## Directions
Stop at the line that contains "# Site, building, storey". Until then, set down each line of the records exactly, beginning with the first, and skip pictures.
============================================================
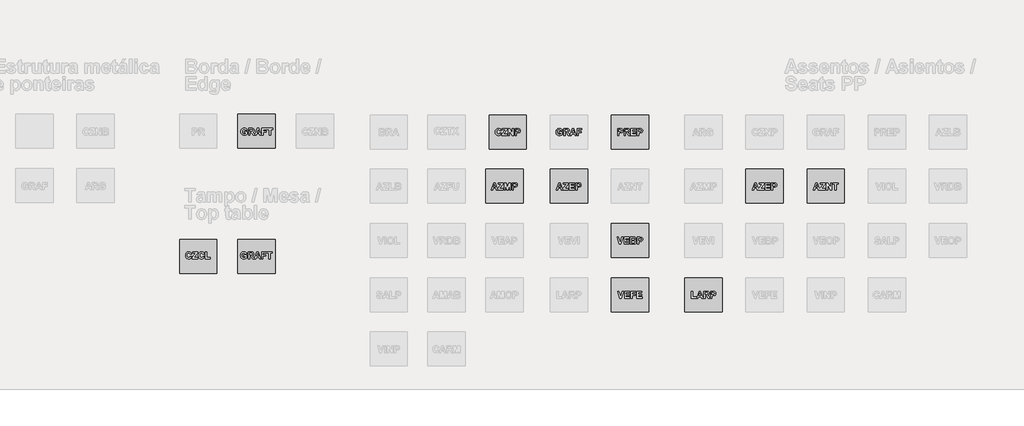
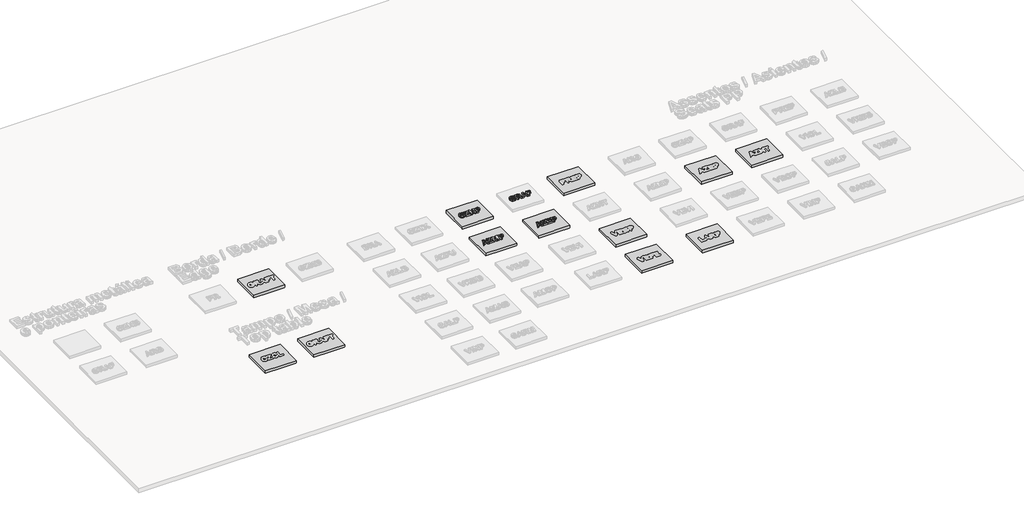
# One storey, part 6 of 11: 16 proxies.
"""IFC4 building model written with IfcOpenShell, lengths in millimetres."""

from ifc_helpers import new_model, si_unit, frame, origin, place, context, project, spatial, polyline, outline, extrude, transform, mapped, element, save
from components import generic_models_12_generic_models_1_aeca2572, generic_models_14_generic_models_1_f76d4024, generic_models_15_generic_models_1_2de620d3, generic_models_18_generic_models_1_cb23df02, generic_models_22_generic_models_1_4682f98c, generic_models_3_generic_models_1_f9f5fa65, generic_models_39_generic_models_1_207fc2ec, generic_models_4_generic_models_1_a14395d2, generic_models_43_generic_models_1_5dd9acc0, generic_models_47_generic_models_1_7874324c, generic_models_5_generic_models_1_ef61b294

model = new_model("IFC4")

# Units and contexts
model_context = context("Model", 3, world=origin())
ifc_project = project(units=[si_unit("LENGTHUNIT", "METRE", prefix="MILLI")], contexts=[model_context])

# Site, building, storey
site = spatial("IfcSite", under=ifc_project)
building = spatial("IfcBuilding", under=site)
storey = spatial("IfcBuildingStorey", under=building, Name="Biblioteca BIM Revit Metadil - Refeitório", Elevation=0.0)

# Proxies
placement = place(None, origin())
element("IfcBuildingElementProxy", 1, Name="Arial 200mm", ObjectType="Arial 200mm", at=placement, inside=storey, context=model_context, shape_type="SweptSolid", body=[
    extrude(outline(polyline([(-2708.5125485, 2026.3873716), (-2669.6455238, 2013.4316967), (-2681.9053372, 1984.8064872), (-2700.2634274, 1964.6201793), (-2724.5553178, 1952.6450364), (-2754.6165323, 1948.6533221), (-2774.0785117, 1950.3581826), (-2791.7249254, 1955.4727643), (-2807.5557733, 1963.997067), (-2821.5710554, 1975.9310908), (-2833.0401173, 1990.8225257), (-2841.2323043, 2008.2190619), (-2846.1476165, 2028.1206992), (-2847.7860539, 2050.5274378), (-2846.133383, 2074.1550969), (-2841.1753702, 2094.9866581), (-2832.9120155, 2113.0221216), (-2821.343319, 2128.2614873), (-2807.0797408, 2140.3726394), (-2790.7317414, 2149.0234624), (-2772.2993206, 2154.2139562), (-2751.7824784, 2155.9441208), (-2717.6726155, 2150.2380569), (-2703.2746096, 2143.1054771), (-2690.6478874, 2133.1198654), (-2678.3880739, 2116.7101873), (-2669.6455238, 2094.4046649), (-2708.5125485, 2087.9268275), (-2714.4653269, 2101.3696054), (-2724.63123, 2111.6367247), (-2738.2258323, 2118.1461923), (-2754.464708, 2120.3160148), (-2776.4222996, 2116.3749086), (-2793.8125098, 2104.55159), (-2805.1423993, 2083.9098091), (-2808.9190291, 2053.513316), (-2805.2562675, 2021.4530813), (-2794.2679827, 2000.1723731), (-2777.4091577, 1988.2541644), (-2756.1347755, 1984.2814281), (-2740.0730281, 1986.8181594), (-2726.4025137, 1994.4283532), (-2715.6925734, 2007.4915703), (-2708.5125485, 2026.3873716)])), frame((0.0, 0.0, 100.0), z_axis=(0.0, 0.0, 1.0), x_axis=(1.0, 0.0, 0.0)), (0.0, 0.0, 1.0), 50.0),
    extrude(outline(polyline([(-2653.4509301, 1948.6533221), (-2653.4509301, 1987.5203468), (-2544.0868149, 2117.077096), (-2640.4952552, 2117.077096), (-2640.4952552, 2152.7052021), (-2494.7439123, 2152.7052021), (-2494.7439123, 2117.077096), (-2606.8408653, 1984.2814281), (-2491.5049936, 1984.2814281), (-2491.5049936, 1948.6533221), (-2653.4509301, 1948.6533221)])), frame((0.0, 0.0, 100.0), z_axis=(0.0, 0.0, 1.0), x_axis=(1.0, 0.0, 0.0)), (0.0, 0.0, 1.0), 50.0),
    extrude(outline(polyline([(-2465.5936438, 1948.6533221), (-2465.5936438, 2152.7052021), (-2424.8541191, 2152.7052021), (-2339.2758133, 2015.3548047), (-2339.2758133, 2152.7052021), (-2300.4087885, 2152.7052021), (-2300.4087885, 1948.6533221), (-2342.4135158, 1948.6533221), (-2426.726619, 2083.9793953), (-2426.726619, 1948.6533221), (-2465.5936438, 1948.6533221)])), frame((0.0, 0.0, 100.0), z_axis=(0.0, 0.0, 1.0), x_axis=(1.0, 0.0, 0.0)), (0.0, 0.0, 1.0), 50.0),
    extrude(outline(polyline([(-2261.5417638, 1948.6533221), (-2261.5417638, 2152.7052021), (-2195.8018352, 2152.7052021), (-2147.0662299, 2149.6687158), (-2131.0297866, 2142.4254307), (-2117.8400492, 2129.8050345), (-2109.0152608, 2112.2756521), (-2106.0736647, 2090.3054084), (-2107.8006663, 2073.1176307), (-2112.9816711, 2058.9030792), (-2120.8259274, 2047.5415596), (-2130.5426836, 2038.9128776), (-2152.1776485, 2029.2720336), (-2195.4475784, 2026.3873716), (-2222.674739, 2026.3873716), (-2222.674739, 1948.6533221), (-2261.5417638, 1948.6533221)]), holes=[polyline([(-2222.674739, 2117.077096), (-2222.674739, 2062.0154776), (-2198.5346728, 2062.0154776), (-2163.6909924, 2065.0519639), (-2149.9255878, 2074.5915918), (-2144.9406895, 2089.6981112), (-2146.6929951, 2099.3516072), (-2151.9499121, 2107.1579074), (-2169.6374448, 2115.7612853), (-2201.3687267, 2117.077096), (-2222.674739, 2117.077096)])]), frame((0.0, 0.0, 100.0), z_axis=(0.0, 0.0, 1.0), x_axis=(1.0, 0.0, 0.0)), (0.0, 0.0, 1.0), 50.0),
])
element("IfcBuildingElementProxy", 2, Name="Arial 200mm", ObjectType="Arial 200mm", at=placement, inside=storey, context=model_context, shape_type="SweptSolid", body=[
    extrude(outline(polyline([(-957.0963295, 2023.1484529), (-957.0963295, 2058.7765589), (-869.6455238, 2058.7765589), (-869.6455238, 1977.3987258), (-885.2581242, 1965.461539), (-906.5894405, 1955.0552474), (-930.9319391, 1947.8246144), (-955.5780863, 1945.4144034), (-985.0446555, 1948.7671903), (-1010.4878804, 1958.8255512), (-1031.009467, 1975.1150351), (-1045.7111216, 1997.1611909), (-1054.554888, 2023.1800829), (-1057.5028101, 2051.3877755), (-1054.1690012, 2081.4047079), (-1044.1675744, 2107.891725), (-1027.7389182, 2129.7354483), (-1005.1234213, 2145.8224998), (-983.1341996, 2153.4137155), (-956.3372079, 2155.9441208), (-922.5752757, 2151.8575163), (-897.1004208, 2139.5977028), (-879.5710384, 2120.1262344), (-869.6455238, 2094.4046649), (-908.5125485, 2087.9268275), (-915.0536461, 2101.3696054), (-925.56748, 2111.6367247), (-939.6238812, 2118.1461923), (-956.7926808, 2120.3160148), (-982.2359057, 2116.077586), (-1001.8845025, 2103.3622995), (-1014.4479646, 2082.2966758), (-1018.6357853, 2053.0072349), (-1014.4732687, 2021.5226675), (-1001.9857187, 1999.0336908), (-982.7419868, 1985.5403047), (-958.310924, 1981.0425094), (-931.5645404, 1985.9767996), (-908.5125485, 1997.9456165), (-908.5125485, 2023.1484529), (-957.0963295, 2023.1484529)])), frame((0.0, 0.0, 100.0), z_axis=(0.0, 0.0, 1.0), x_axis=(1.0, 0.0, 0.0)), (0.0, 0.0, 1.0), 50.0),
    extrude(outline(polyline([(-830.778499, 1948.6533221), (-830.778499, 2152.7052021), (-744.9471526, 2152.7052021), (-716.9861745, 2151.3261312), (-697.8816149, 2147.1889186), (-684.6728994, 2139.5217907), (-674.3994541, 2127.5529738), (-667.7950963, 2112.4084983), (-665.5936438, 2095.2143946), (-668.7756284, 2074.1487708), (-678.3215822, 2057.1064914), (-694.2062012, 2044.85933), (-716.4041813, 2038.1790601), (-696.009115, 2021.1747368), (-674.348846, 1988.2288603), (-649.3990501, 1948.6533221), (-694.7945204, 1948.6533221), (-724.3496538, 1995.2633869), (-747.5534701, 2022.9207164), (-760.8127936, 2030.7396686), (-783.0044477, 2032.8652091), (-791.9114742, 2032.8652091), (-791.9114742, 1948.6533221), (-830.778499, 1948.6533221)]), holes=[polyline([(-791.9114742, 2068.4933151), (-759.8765437, 2068.4933151), (-720.9842149, 2070.846592), (-708.8382696, 2078.9438888), (-704.4606685, 2093.2912866), (-705.9029995, 2102.0275108), (-710.2299925, 2108.9038871), (-726.5258024, 2116.4191907), (-758.10526, 2117.077096), (-791.9114742, 2117.077096), (-791.9114742, 2068.4933151)])]), frame((0.0, 0.0, 100.0), z_axis=(0.0, 0.0, 1.0), x_axis=(1.0, 0.0, 0.0)), (0.0, 0.0, 1.0), 50.0),
    extrude(outline(polyline([(-455.0639263, 1948.6533221), (-495.9046672, 1948.6533221), (-511.8968284, 1993.9981843), (-588.9729726, 1993.9981843), (-604.7627014, 1948.6533221), (-646.1601314, 1948.6533221), (-571.6650006, 2152.7052021), (-530.2675706, 2152.7052021), (-455.0639263, 1948.6533221)]), holes=[polyline([(-524.3464223, 2029.6262903), (-550.6120288, 2104.1214211), (-576.5233787, 2029.6262903), (-524.3464223, 2029.6262903)])]), frame((0.0, 0.0, 100.0), z_axis=(0.0, 0.0, 1.0), x_axis=(1.0, 0.0, 0.0)), (0.0, 0.0, 1.0), 50.0),
    extrude(outline(polyline([(-435.6304139, 1948.6533221), (-435.6304139, 2152.7052021), (-296.3569085, 2152.7052021), (-296.3569085, 2117.077096), (-396.7633892, 2117.077096), (-396.7633892, 2071.7322338), (-309.3125835, 2071.7322338), (-309.3125835, 2036.1041278), (-396.7633892, 2036.1041278), (-396.7633892, 1948.6533221), (-435.6304139, 1948.6533221)])), frame((0.0, 0.0, 100.0), z_axis=(0.0, 0.0, 1.0), x_axis=(1.0, 0.0, 0.0)), (0.0, 0.0, 1.0), 50.0),
])
element("IfcBuildingElementProxy", 3, Name="Arial 200mm", ObjectType="Arial 200mm", at=placement, inside=storey, context=model_context, shape_type="SweptSolid", body=[
    extrude(outline(polyline([(-855.0703895, 348.6533221), (-895.9111303, 348.6533221), (-911.9032916, 393.9981843), (-988.9794357, 393.9981843), (-1004.7691645, 348.6533221), (-1046.1665945, 348.6533221), (-971.6714637, 552.7052021), (-930.2740337, 552.7052021), (-855.0703895, 348.6533221)]), holes=[polyline([(-924.3528854, 429.6262903), (-950.618492, 504.1214211), (-976.5298418, 429.6262903), (-924.3528854, 429.6262903)])]), frame((0.0, 0.0, 100.0), z_axis=(0.0, 0.0, 1.0), x_axis=(1.0, 0.0, 0.0)), (0.0, 0.0, 1.0), 50.0),
    extrude(outline(polyline([(-851.8314707, 348.6533221), (-851.8314707, 387.5203468), (-742.4673555, 517.077096), (-838.8757958, 517.077096), (-838.8757958, 552.7052021), (-693.124453, 552.7052021), (-693.124453, 517.077096), (-805.2214059, 384.2814281), (-689.8855342, 384.2814281), (-689.8855342, 348.6533221), (-851.8314707, 348.6533221)])), frame((0.0, 0.0, 100.0), z_axis=(0.0, 0.0, 1.0), x_axis=(1.0, 0.0, 0.0)), (0.0, 0.0, 1.0), 50.0),
    extrude(outline(polyline([(-663.9741844, 348.6533221), (-663.9741844, 552.7052021), (-511.7450041, 552.7052021), (-511.7450041, 517.077096), (-625.1071596, 517.077096), (-625.1071596, 471.7322338), (-518.2228415, 471.7322338), (-518.2228415, 436.1041278), (-625.1071596, 436.1041278), (-625.1071596, 384.2814281), (-508.5060854, 384.2814281), (-508.5060854, 348.6533221), (-663.9741844, 348.6533221)])), frame((0.0, 0.0, 100.0), z_axis=(0.0, 0.0, 1.0), x_axis=(1.0, 0.0, 0.0)), (0.0, 0.0, 1.0), 50.0),
    extrude(outline(polyline([(-476.1168981, 348.6533221), (-476.1168981, 552.7052021), (-410.3769695, 552.7052021), (-361.6413642, 549.6687158), (-345.6049209, 542.4254307), (-332.4151835, 529.8050345), (-323.5903951, 512.2756521), (-320.648799, 490.3054084), (-322.3758006, 473.1176307), (-327.5568054, 458.9030792), (-335.4010617, 447.5415596), (-345.1178179, 438.9128776), (-366.7527828, 429.2720336), (-410.0227127, 426.3873716), (-437.2498733, 426.3873716), (-437.2498733, 348.6533221), (-476.1168981, 348.6533221)]), holes=[polyline([(-437.2498733, 517.077096), (-437.2498733, 462.0154776), (-413.1098071, 462.0154776), (-378.2661267, 465.0519639), (-364.5007221, 474.5915918), (-359.5158238, 489.6981112), (-361.2681294, 499.3516072), (-366.5250463, 507.1579074), (-384.2125791, 515.7612853), (-415.943861, 517.077096), (-437.2498733, 517.077096)])]), frame((0.0, 0.0, 100.0), z_axis=(0.0, 0.0, 1.0), x_axis=(1.0, 0.0, 0.0)), (0.0, 0.0, 1.0), 50.0),
])
element("IfcBuildingElementProxy", 4, Name="Arial 200mm", ObjectType="Arial 200mm", at=placement, inside=storey, context=model_context, shape_type="SweptSolid", body=[
    extrude(outline(polyline([(-2775.4663706, 348.6533221), (-2816.3071115, 348.6533221), (-2832.2992727, 393.9981843), (-2909.3754169, 393.9981843), (-2925.1651457, 348.6533221), (-2966.5625757, 348.6533221), (-2892.0674449, 552.7052021), (-2850.6700149, 552.7052021), (-2775.4663706, 348.6533221)]), holes=[polyline([(-2844.7488666, 429.6262903), (-2871.0144732, 504.1214211), (-2896.925823, 429.6262903), (-2844.7488666, 429.6262903)])]), frame((0.0, 0.0, 100.0), z_axis=(0.0, 0.0, 1.0), x_axis=(1.0, 0.0, 0.0)), (0.0, 0.0, 1.0), 50.0),
    extrude(outline(polyline([(-2772.2274519, 348.6533221), (-2772.2274519, 387.5203468), (-2662.8633367, 517.077096), (-2759.271777, 517.077096), (-2759.271777, 552.7052021), (-2613.5204341, 552.7052021), (-2613.5204341, 517.077096), (-2725.617387, 384.2814281), (-2610.2815154, 384.2814281), (-2610.2815154, 348.6533221), (-2772.2274519, 348.6533221)])), frame((0.0, 0.0, 100.0), z_axis=(0.0, 0.0, 1.0), x_axis=(1.0, 0.0, 0.0)), (0.0, 0.0, 1.0), 50.0),
    extrude(outline(polyline([(-2584.3701656, 348.6533221), (-2584.3701656, 552.7052021), (-2517.7698992, 552.7052021), (-2485.5831443, 413.5329129), (-2453.3963894, 552.7052021), (-2386.796123, 552.7052021), (-2386.796123, 348.6533221), (-2425.6631478, 348.6533221), (-2427.2826072, 509.2834478), (-2462.809497, 348.6533221), (-2508.3061835, 348.6533221), (-2543.8836814, 509.2834478), (-2545.5031408, 348.6533221), (-2584.3701656, 348.6533221)])), frame((0.0, 0.0, 100.0), z_axis=(0.0, 0.0, 1.0), x_axis=(1.0, 0.0, 0.0)), (0.0, 0.0, 1.0), 50.0),
    extrude(outline(polyline([(-2347.9290983, 348.6533221), (-2347.9290983, 552.7052021), (-2282.1891697, 552.7052021), (-2233.4535644, 549.6687158), (-2217.4171211, 542.4254307), (-2204.2273837, 529.8050345), (-2195.4025953, 512.2756521), (-2192.4609992, 490.3054084), (-2194.1880008, 473.1176307), (-2199.3690056, 458.9030792), (-2207.2132619, 447.5415596), (-2216.9300181, 438.9128776), (-2238.564983, 429.2720336), (-2281.8349129, 426.3873716), (-2309.0620735, 426.3873716), (-2309.0620735, 348.6533221), (-2347.9290983, 348.6533221)]), holes=[polyline([(-2309.0620735, 517.077096), (-2309.0620735, 462.0154776), (-2284.9220073, 462.0154776), (-2250.0783269, 465.0519639), (-2236.3129223, 474.5915918), (-2231.328024, 489.6981112), (-2233.0803296, 499.3516072), (-2238.3372465, 507.1579074), (-2256.0247793, 515.7612853), (-2287.7560612, 517.077096), (-2309.0620735, 517.077096)])]), frame((0.0, 0.0, 100.0), z_axis=(0.0, 0.0, 1.0), x_axis=(1.0, 0.0, 0.0)), (0.0, 0.0, 1.0), 50.0),
])
generic_models_12_generic_models_1_shape = generic_models_12_generic_models_1_aeca2572(model_context)
element("IfcBuildingElementProxy", 5, Name="Generic Models 12 : Generic Models 1", ObjectType="Generic Models 12 : Generic Models 1", at=placement, inside=storey, context=model_context, shape_type="MappedRepresentation", body=[
    mapped(generic_models_12_generic_models_1_shape, transform((-7464.2678757, 7443.0756766, 0.0), x_axis=(1.0, 0.0, 0.0), y_axis=(0.0, 1.0, 0.0), z_axis=(0.0, 0.0, 1.0))),
])
generic_models_14_generic_models_1_shape = generic_models_14_generic_models_1_f76d4024(model_context)
element("IfcBuildingElementProxy", 6, Name="Generic Models 14 : Generic Models 1", ObjectType="Generic Models 14 : Generic Models 1", at=placement, inside=storey, context=model_context, shape_type="MappedRepresentation", body=[
    mapped(generic_models_14_generic_models_1_shape, transform((-3864.2678757, 7443.0756766, 0.0), x_axis=(1.0, 0.0, 0.0), y_axis=(0.0, 1.0, 0.0), z_axis=(0.0, 0.0, 1.0))),
])
generic_models_15_generic_models_1_shape = generic_models_15_generic_models_1_2de620d3(model_context)
element("IfcBuildingElementProxy", 7, Name="Generic Models 15 : Generic Models 1", ObjectType="Generic Models 15 : Generic Models 1", at=placement, inside=storey, context=model_context, shape_type="MappedRepresentation", body=[
    mapped(generic_models_15_generic_models_1_shape, transform((-3864.2678757, 5843.0756766, 0.0), x_axis=(1.0, 0.0, 0.0), y_axis=(0.0, 1.0, 0.0), z_axis=(0.0, 0.0, 1.0))),
])
generic_models_18_generic_models_1_shape = generic_models_18_generic_models_1_cb23df02(model_context)
element("IfcBuildingElementProxy", 8, Name="Generic Models 18 : Generic Models 1", ObjectType="Generic Models 18 : Generic Models 1", at=placement, inside=storey, context=model_context, shape_type="MappedRepresentation", body=[
    mapped(generic_models_18_generic_models_1_shape, transform((-7464.2678757, 7443.0756766, 0.0), x_axis=(1.0, 0.0, 0.0), y_axis=(0.0, 1.0, 0.0), z_axis=(0.0, 0.0, 1.0))),
])
element("IfcBuildingElementProxy", 9, Name="Generic Models 21 : Generic Models 1", ObjectType="Generic Models 21 : Generic Models 1", at=placement, inside=storey, context=model_context, shape_type="MappedRepresentation", body=[
    mapped(generic_models_14_generic_models_1_shape, transform((-5760.3719664, 7443.0756766, 0.0), x_axis=(1.0, 0.0, 0.0), y_axis=(0.0, 1.0, 0.0), z_axis=(0.0, 0.0, 1.0))),
])
generic_models_22_generic_models_1_shape = generic_models_22_generic_models_1_4682f98c(model_context)
element("IfcBuildingElementProxy", 10, Name="Generic Models 22 : Generic Models 1", ObjectType="Generic Models 22 : Generic Models 1", at=placement, inside=storey, context=model_context, shape_type="MappedRepresentation", body=[
    mapped(generic_models_22_generic_models_1_shape, transform((-2064.2678757, 5843.0756766, 0.0), x_axis=(1.0, 0.0, 0.0), y_axis=(0.0, 1.0, 0.0), z_axis=(0.0, 0.0, 1.0))),
])
generic_models_3_generic_models_1_shape = generic_models_3_generic_models_1_f9f5fa65(model_context)
element("IfcBuildingElementProxy", 11, Name="Generic Models 3 : Generic Models 1", ObjectType="Generic Models 3 : Generic Models 1", at=placement, inside=storey, context=model_context, shape_type="MappedRepresentation", body=[
    mapped(generic_models_3_generic_models_1_shape, transform((-160.0, 600.0, 0.0), x_axis=(1.0, 0.0, 0.0), y_axis=(0.0, 1.0, 0.0), z_axis=(0.0, 0.0, 1.0))),
])
generic_models_39_generic_models_1_shape = generic_models_39_generic_models_1_207fc2ec(model_context)
element("IfcBuildingElementProxy", 12, Name="Generic Models 39 : Generic Models 1", ObjectType="Generic Models 39 : Generic Models 1", at=placement, inside=storey, context=model_context, shape_type="MappedRepresentation", body=[
    mapped(generic_models_39_generic_models_1_shape, transform((-7004.0897812, 4503.0756766, 0.0), x_axis=(1.0, 0.0, 0.0), y_axis=(0.0, 1.0, 0.0), z_axis=(0.0, 0.0, 1.0))),
])
generic_models_4_generic_models_1_shape = generic_models_4_generic_models_1_a14395d2(model_context)
element("IfcBuildingElementProxy", 13, Name="Generic Models 4 : Generic Models 1", ObjectType="Generic Models 4 : Generic Models 1", at=placement, inside=storey, context=model_context, shape_type="MappedRepresentation", body=[
    mapped(generic_models_4_generic_models_1_shape, transform((-80.0, 600.0, 0.0), x_axis=(1.0, 0.0, 0.0), y_axis=(0.0, 1.0, 0.0), z_axis=(0.0, 0.0, 1.0))),
])
generic_models_43_generic_models_1_shape = generic_models_43_generic_models_1_5dd9acc0(model_context)
element("IfcBuildingElementProxy", 14, Name="Generic Models 43 : Generic Models 1", ObjectType="Generic Models 43 : Generic Models 1", at=placement, inside=storey, context=model_context, shape_type="MappedRepresentation", body=[
    mapped(generic_models_43_generic_models_1_shape, transform((-2758.1819203, 3380.6839809, 0.0), x_axis=(1.0, 0.0, 0.0), y_axis=(0.0, 1.0, 0.0), z_axis=(0.0, 0.0, 1.0))),
])
generic_models_47_generic_models_1_shape = generic_models_47_generic_models_1_7874324c(model_context)
element("IfcBuildingElementProxy", 15, Name="Generic Models 47 : Generic Models 1", ObjectType="Generic Models 47 : Generic Models 1", at=placement, inside=storey, context=model_context, shape_type="MappedRepresentation", body=[
    mapped(generic_models_47_generic_models_1_shape, transform((-2758.1819203, 3380.6839809, 0.0), x_axis=(1.0, 0.0, 0.0), y_axis=(0.0, 1.0, 0.0), z_axis=(0.0, 0.0, 1.0))),
])
generic_models_5_generic_models_1_shape = generic_models_5_generic_models_1_ef61b294(model_context)
element("IfcBuildingElementProxy", 16, Name="Generic Models 5 : Generic Models 1", ObjectType="Generic Models 5 : Generic Models 1", at=placement, inside=storey, context=model_context, shape_type="MappedRepresentation", body=[
    mapped(generic_models_5_generic_models_1_shape, transform((-160.0, 600.0, 0.0), x_axis=(1.0, 0.0, 0.0), y_axis=(0.0, 1.0, 0.0), z_axis=(0.0, 0.0, 1.0))),
])

save(model, "model.ifc")
============================================================
## Result
# One storey, part 6 of 11: 16 proxies.
"""IFC4 building model written with IfcOpenShell, lengths in millimetres."""

from ifc_helpers import new_model, si_unit, frame, origin, place, context, project, spatial, polyline, outline, extrude, transform, mapped, element, save
from components import generic_models_12_generic_models_1_aeca2572, generic_models_14_generic_models_1_f76d4024, generic_models_15_generic_models_1_2de620d3, generic_models_18_generic_models_1_cb23df02, generic_models_22_generic_models_1_4682f98c, generic_models_3_generic_models_1_f9f5fa65, generic_models_39_generic_models_1_207fc2ec, generic_models_4_generic_models_1_a14395d2, generic_models_43_generic_models_1_5dd9acc0, generic_models_47_generic_models_1_7874324c, generic_models_5_generic_models_1_ef61b294

model = new_model("IFC4")

# Units and contexts
model_context = context("Model", 3, world=origin())
ifc_project = project(units=[si_unit("LENGTHUNIT", "METRE", prefix="MILLI")], contexts=[model_context])

# Site, building, storey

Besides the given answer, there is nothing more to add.